La paciencia. Esa nefasta virtud olvidada, defenestrada por la poca voluntad de servir y la intransigencia del prójimo. Como si no estuviese en paz conmigo mismo, como si la distancia hacia mi madre fuese una losa demasiado pesada para mi o un trayecto a todas luces insalvable; la confianza destiñe el paso del tiempo y carece de pócimas milagrosas, pero, si no confías en nadie, ¿en qué te convierte eso? ¿Un simple aprendiz de maestro, crees?
¿Acaso he perdido toda esperanza? Todo renacería si dejase de intentar influir en mi entorno, si cejase en mi empeño de controlador nato. Mi verdad no es la única verdad, la paciencia no es el único rasgo evolutivo que no poseo. En eso ningún griego puede ayudarme.

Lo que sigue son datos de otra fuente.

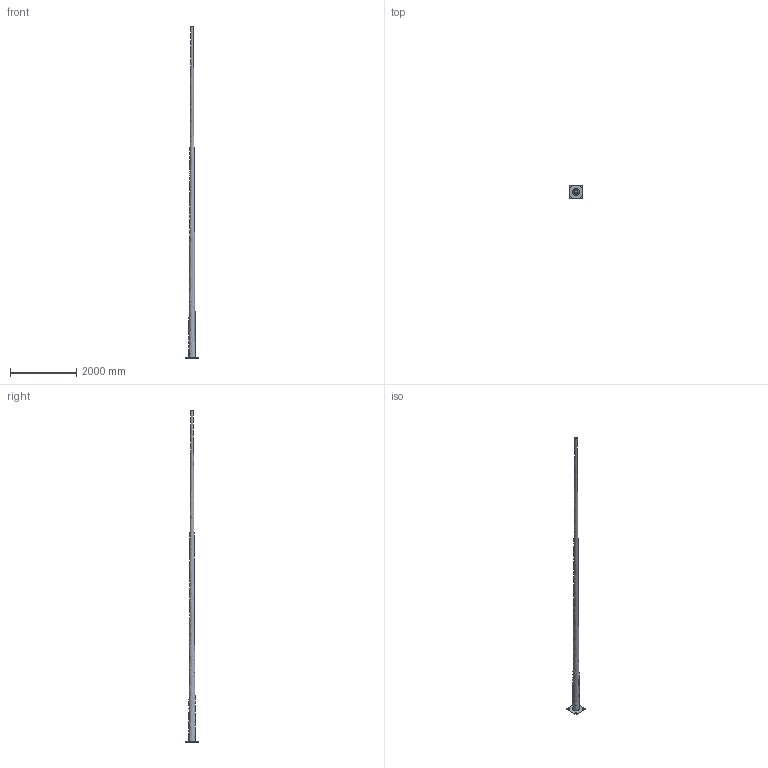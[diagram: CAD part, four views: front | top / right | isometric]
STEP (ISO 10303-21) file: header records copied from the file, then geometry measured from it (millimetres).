
FILE_DESCRIPTION(('FreeCAD Model'),'2;1');
FILE_NAME('Open CASCADE Shape Model','2024-12-18T15:02:18',(''),(''), 'Open CASCADE STEP processor 7.8','FreeCAD','Unknown');
FILE_SCHEMA(('AUTOMOTIVE_DESIGN { 1 0 10303 214 1 1 1 1 }'));
Length unit declared in the file: millimetre
Products named in the file (1): Body
Bounding box: 412 x 412 x 10000 mm (x, y, z)
Volume: 13442281 mm3; surface area: 8753789 mm2
Topology: 1 solids, 1 shells, 51 faces, 143 edges, 96 vertices
Faces by surface type: plane 32, cylinder 16, bspline 2, offset 1
Entity records: 3053 total; most frequent: CARTESIAN_POINT 1795, ORIENTED_EDGE 286, DIRECTION 198, EDGE_CURVE 143, VERTEX_POINT 96, LINE 68, VECTOR 68, AXIS2_PLACEMENT_3D 65

Me sitúan en esa línea cercana al horizonte. A unos días de cumplir 32 años, descifrar esa violencia innata –ahora que las noches se acortan-, no depende de las necesidades mañaneras de mi perrita Chloe, pero no la exculpo del todo; la verdadera razón de mis atribulaciones tiene que ver más con la percepción equivocada de que todo lo que me envuelve es imperecedero, de que todo volverá a ser como antaño _un varadero en toda su magnitud. ¿Cómo recuperar la tranquilidad para aceptar cada propuesta alejada del impulso momentáneo?
Resistir los envites del Mal, que se presenta cíclicamente para recordarnos nuestra naturaleza humana, ya no es sólo una cuestión de espíritu. El tiempo es el único elemento que no somete al maestro, puesto que de él se alimenta; en su sabiduría, reconoce los valores del juez supremo para intentar permanecer, impasible ante las desdichas que van sembrando los alrededores de caos e indecisiones, manteniéndose firme y paciente, al menos hasta que salga el nuevo disco de The Mars Volta en marzo.